I got a few follow-up questions from ChatGPT to clarify my query, which I answered with:

1: I want you to focus on recent studies. Preferably for models as old, or newer, than GPT-4o (i.e. released may 13 2024). only if there are no studies or very few you should look at older studies/models.

2: focus on the models in the ChatGPT family. only expand if too few data points are given by that.

3: structured summary please

4: no preference. peer-reivew, conference paper and whitepapers are all accepted!

After five minutes I received a thorough report that formed the basis for the blog post The prompt - how important is it really?.

Note that I did not read all the articles that were linked, and therefore cannot be entirely certain that ChatGPT accurately represented their content. What I did do, however, was read the articles that made claims I specifically wanted to highlight in the blog - in particular, that asking the AI to pose follow-up questions to the user yields better results.

My wife also ran a search with “deep research”, and the question she wanted answered was of a more local nature:

“Find out who has lived in (our neighbourhood) in (our village) since 1905 and what they worked with.”

She got a fairly good answer that described our house and the neighbouring houses. However, she got an unpleasant surprise when she checked the sources - one of them was a website formerly known as “Radio Islam”. Wikipedia describes the website as follows:

“Radio Islam was a Swedish community radio channel and media venture launched in 1987 by Ahmed Rami.[1] The channel gained international attention for its grossly antisemitic content, which prompted several police investigations and prosecutions.[2][3][4] Two of these led to convictions of its responsible publisher for incitement against an ethnic group.[1][5] The radio channel was eventually shut down in 1997, but parts of its operations continued on its website and on social media.[1][6]”

When asked whether the site is a reliable source, ChatGPT itself says:

“No, (the website address) is not a reliable source. The website, formerly known as Radio Islam, has a history of spreading antisemitic content and denying the Holocaust. It has been described as one of the most radical far-right antisemitic websites on the internet. Its founder, Ahmed Rami, has been convicted of incitement against an ethnic group in Sweden. Information from this source should therefore be regarded with great scepticism.”

How did this happen?

The reason the site was included in the results at all was that one of our neighbouring houses was built by a man from a well-known family of Jewish descent. The sources for this were texts from smaller, local websites run by local heritage associations and Wikipedia. The house was later inherited by his daughter, which was referenced via a page on Radio Islam titled “Jewish influence over economic life in Sweden”.

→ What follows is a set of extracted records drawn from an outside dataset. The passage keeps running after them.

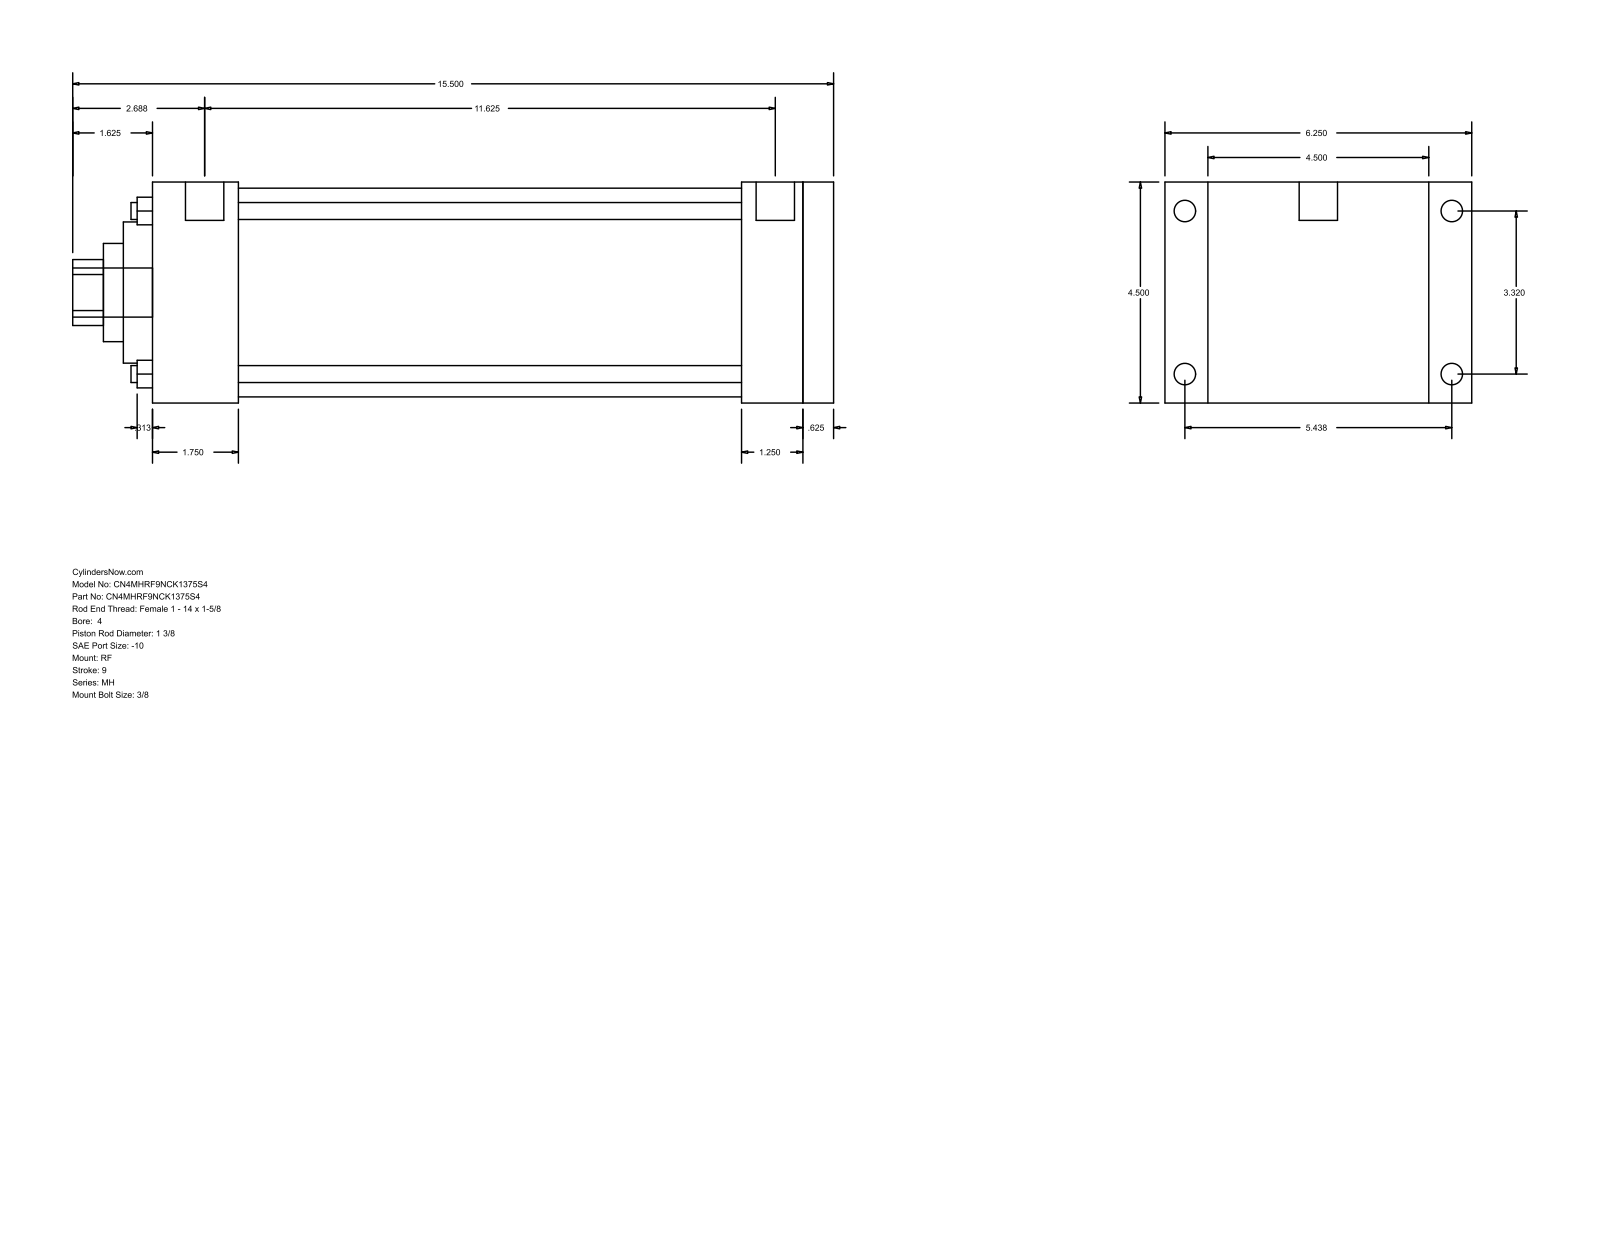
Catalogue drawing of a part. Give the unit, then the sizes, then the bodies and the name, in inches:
Units: inches
Overall size (bounding box): 15.5 × 6.25 × 4.5
Round holes (diameter × count): ⌀0.345 ×4, ⌀1.375 ×1, ⌀2 ×1, ⌀2.875 ×1, ⌀4.25 ×1
Round bosses / shafts (diameter × count): ⌀0.438 ×4, ⌀0.344 ×4, ⌀0.781 ×2, ⌀1 ×1
Partial cylindrical surfaces — rounded edges, fillets, slot ends (radius × count): R0.672 ×1
Main face-to-face distances: 4.5, 13.875, 0.625, 13.25, 1.75, 11.5, 12.125, 12, 10.25, 1.25
Hole centre spacings: 2.347, 3.32, 4.695
Bodies: 0 solids, 94 faces (65 planar, 29 cylindrical, 0 other)
Part name (STEP PRODUCT): MH_RF__0400_1.375
STEP written by: GSSL Pune (CONFIG_CONTROL_DESIGN)
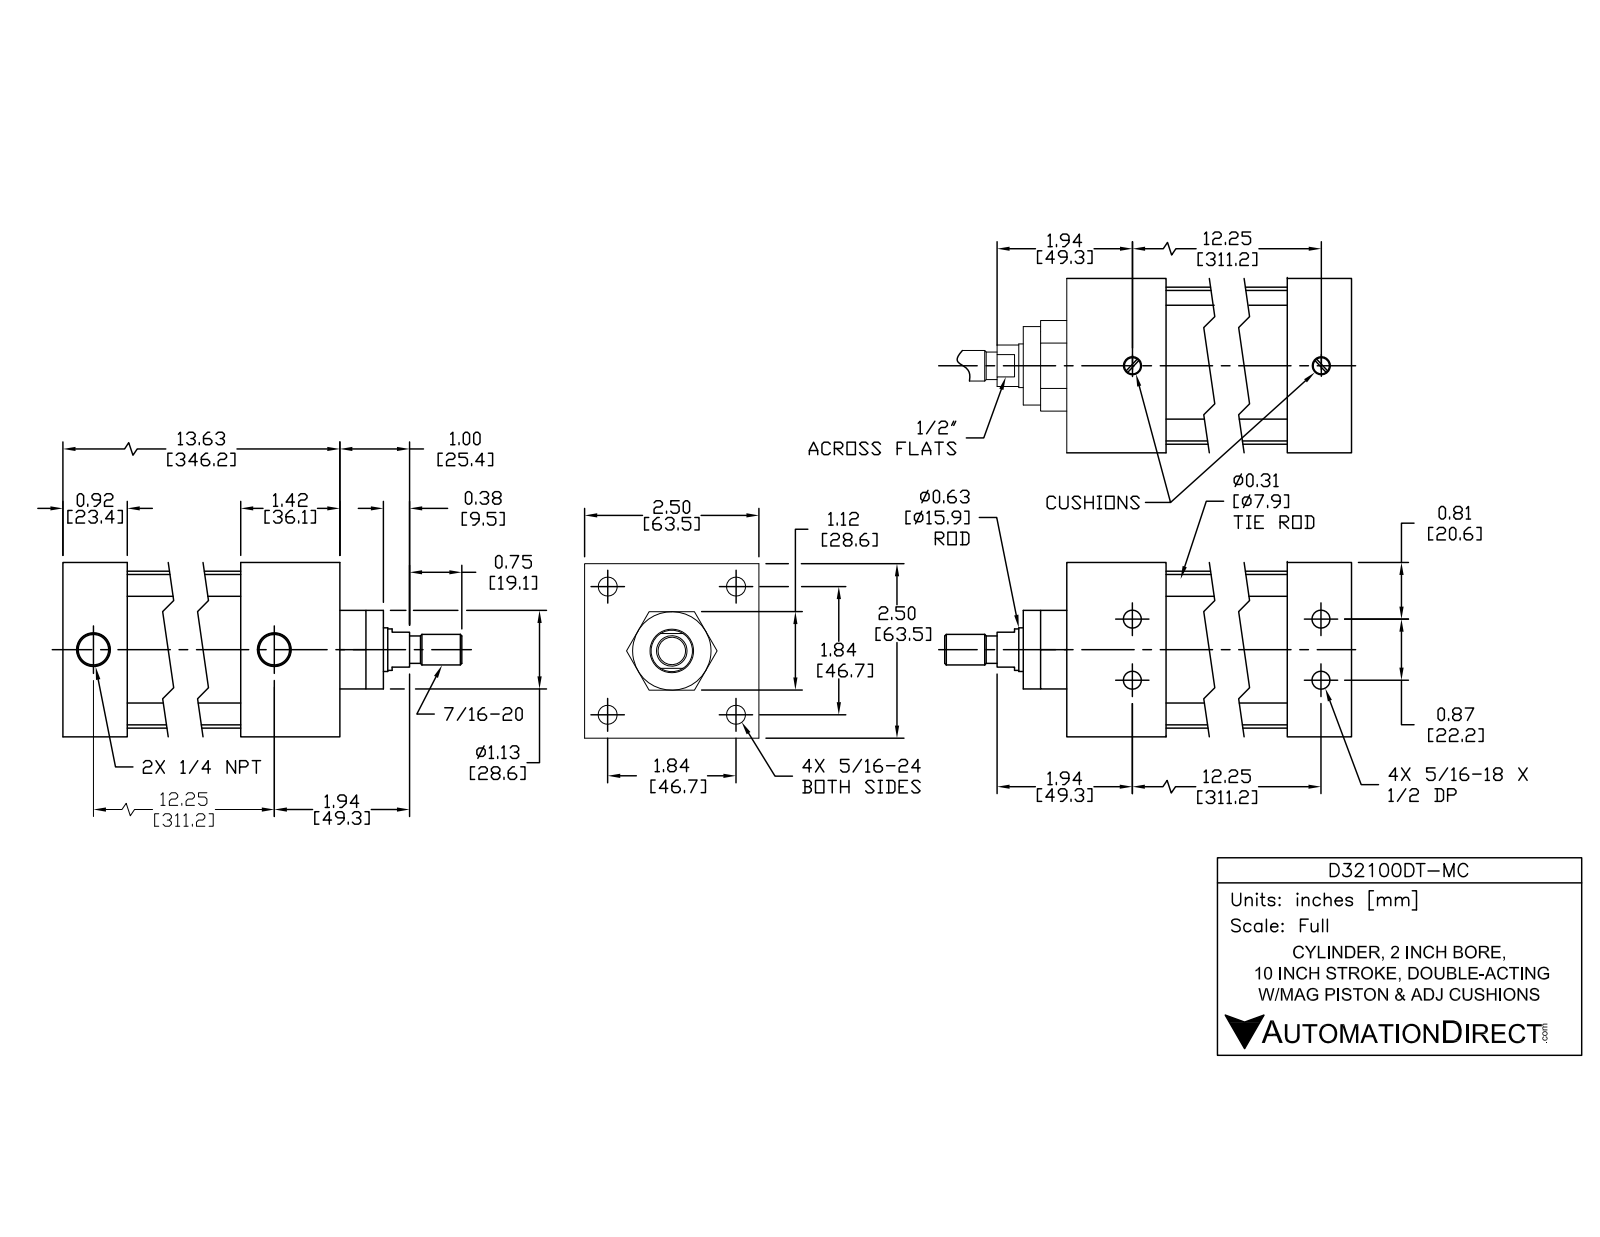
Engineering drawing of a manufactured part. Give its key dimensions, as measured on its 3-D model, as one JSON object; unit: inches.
{"part_name": "D32100DT-MC; D32100DT-M PISTON; D32100DT-M BODY", "step_written_by": "SolidWorks 2015 (AUTOMOTIVE_DESIGN)", "units": "inches", "bodies": {"solids": 12, "faces": 298, "planar": 94, "cylindrical": 114, "other": 90}, "overall_size": [15.371, 2.5, 2.5], "volume_in3": 33.72, "surface_area_in2": 312, "round_holes": [[0.252, 4], [0.267, 4], [0.359, 4], [0.5, 4], [0.297, 2], [0.477, 2], [0.625, 1], [0.628, 1], [2, 1]], "round_bosses_or_shafts": [[0.484, 4], [0.313, 4], [0.282, 4], [2.25, 1], [1.997, 1], [1.12, 1], [0.622, 1], [0.59, 1]], "partial_cylinders_radius": [[0.25, 4]], "face_to_face_distances": [2.5, 0.08, 11.201, 13.621, 1.42, 12.201, 12.701, 11.281, 0.92, 1], "hole_center_spacings": [1.307, 1.848, 12.253, 12.245, 0.437, 0.438, 0.875, 2.613]}
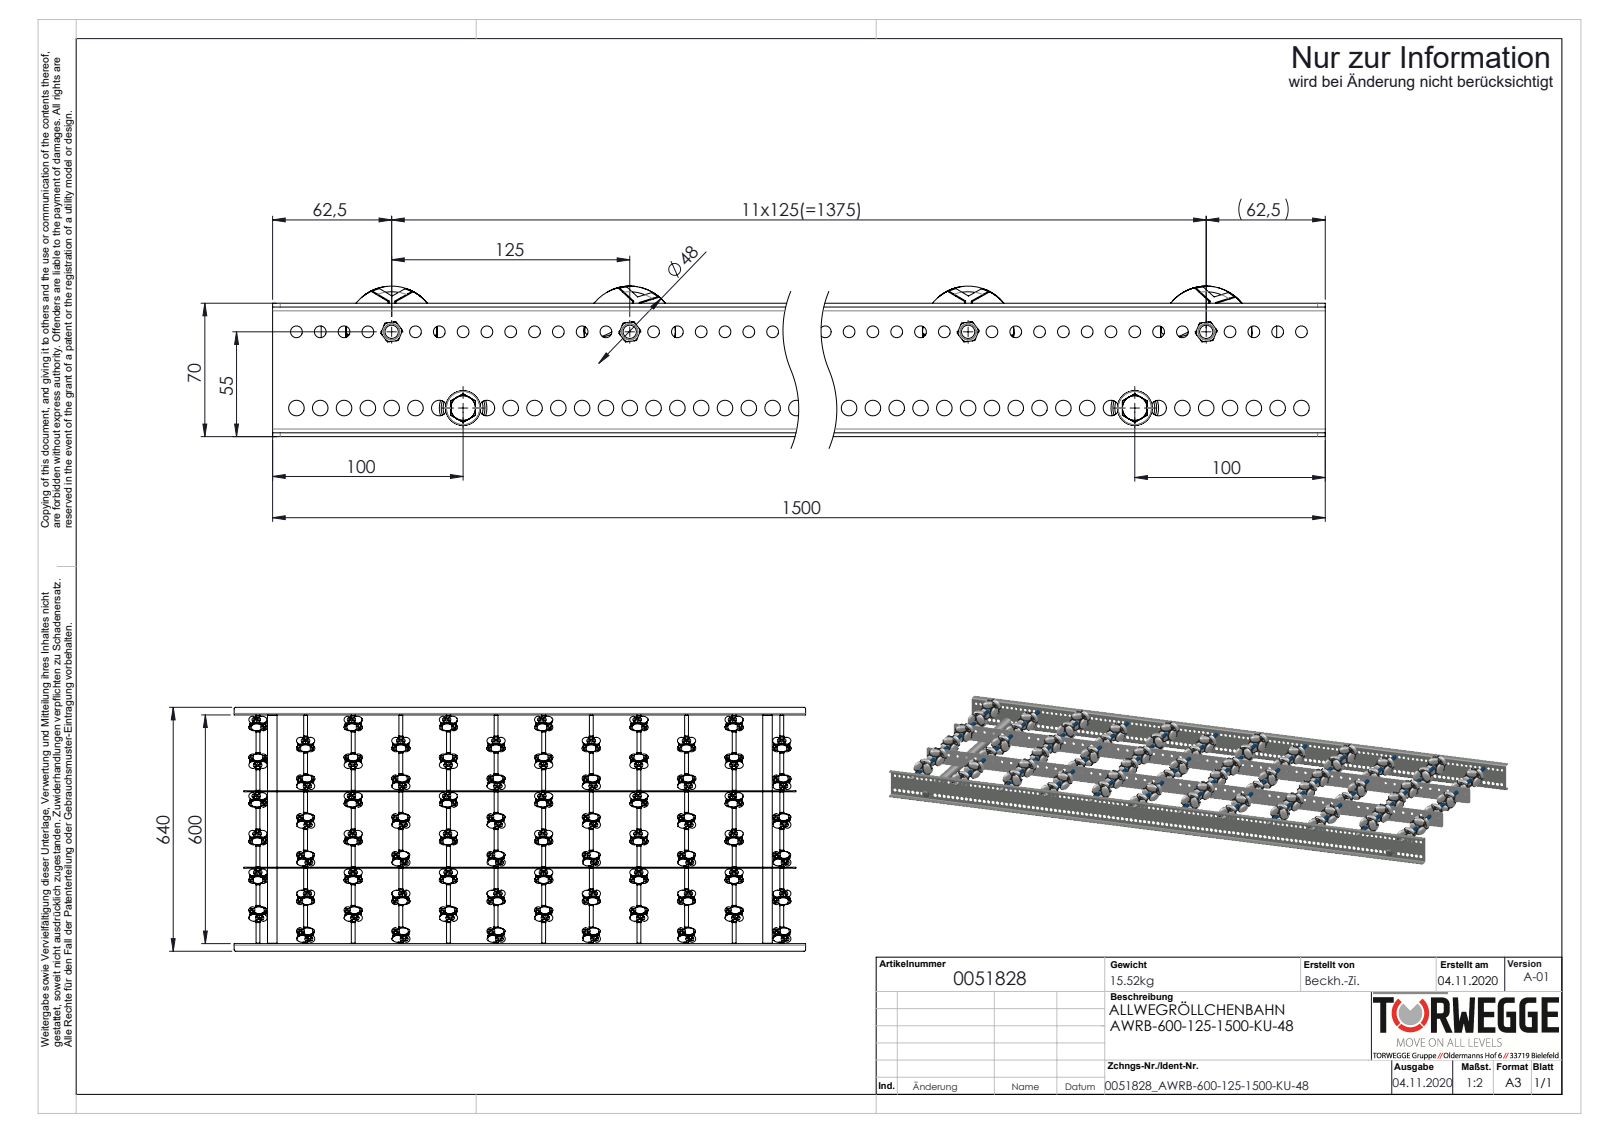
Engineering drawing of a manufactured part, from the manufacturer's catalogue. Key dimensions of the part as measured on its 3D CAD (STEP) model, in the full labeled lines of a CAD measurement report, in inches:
Part name (STEP PRODUCT): 0019719_Gewindestange-M6_L=620; AWR48_Röllchen; 0015028_AWR48; AWR48_Stift (+8 more)
STEP written by: SolidWorks 2020 (AUTOMOTIVE_DESIGN)
Units: inches
Bodies: 1202 solids, 21860 faces (7404 planar, 8856 cylindrical, 5600 other)
Overall size (bounding box): 59.055 × 25.197 × 3.11
Volume: 276.4 in³ · Surface area: 5 008 in²
Round holes (diameter × count): ⌀0.146 ×432, ⌀0.165 ×432, ⌀0.244 ×119, ⌀0.323 ×119, ⌀0.256 ×58, ⌀0.194 ×12, ⌀0.331 ×12, ⌀0.268 ×2, ⌀0.827 ×2
Round bosses / shafts (diameter × count): ⌀0.157 ×432, ⌀0.146 ×368, ⌀0.315 ×14, ⌀1.854 ×12, ⌀1.654 ×12, ⌀0.433 ×12, ⌀0.394 ×12, ⌀0.276 ×12
Partial cylindrical surfaces — rounded edges, fillets, slot ends (radius × count): R0.157 ×8, R0.079 ×4, R0.197 ×4
Main face-to-face distances: 0.079, 23.701, 7.894, 0.098, 2.677, 23.622, 23.78, 7.917, 15.811, 7.839
Hole centre spacings: 1.419, 1.42, 1.42, 1.419, 0.305, 0.394, 0.61, 2.176
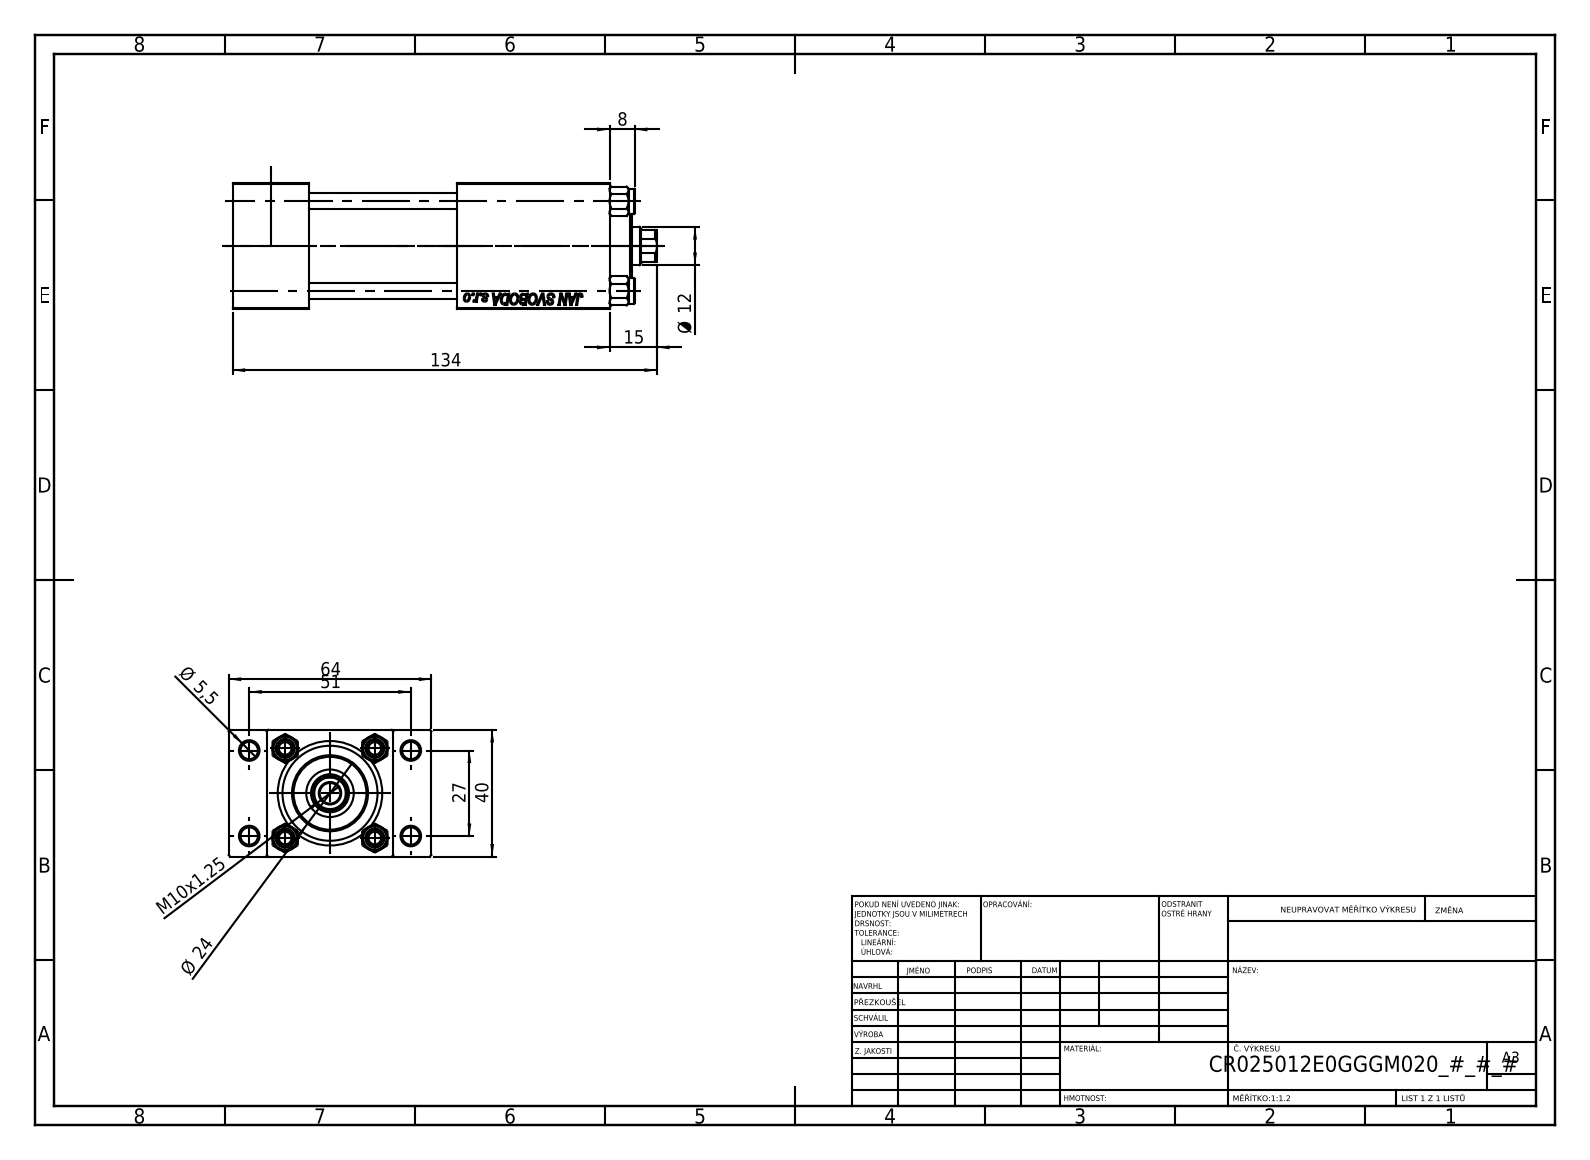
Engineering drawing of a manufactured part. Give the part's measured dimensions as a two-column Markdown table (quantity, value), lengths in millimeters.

The report presented by ChatGPT did not contain any antisemitic language, and the facts it presented (the name of the daughter and her fiance) appear to be correct.

However, there is every reason to find it objectionable that the “deep research” feature (as it stands today) selects sources without filtering out ones that, to use ChatGPT’s own description, are “one of the most radical far-right antisemitic websites on the internet” and which it further urges me to “regard with great scepticism”.

So how should a regular user regard and use “deep research”?

When it works well, it is a tremendously valuable feature that can find and summarise information quickly.

It is evident that the feature has no real source criticism, and it is therefore important for the user to both review which sources are being used, and to read through the sources themselves to ensure that the generated report is based on sound, reliable sources, and that those sources actually say what the report claims they do.

Finally, I want to take the opportunity to state something that is hopefully obvious, which is that I detest antisemitism, and I firmly distance myself from antisemitic websites, radio channels and other material.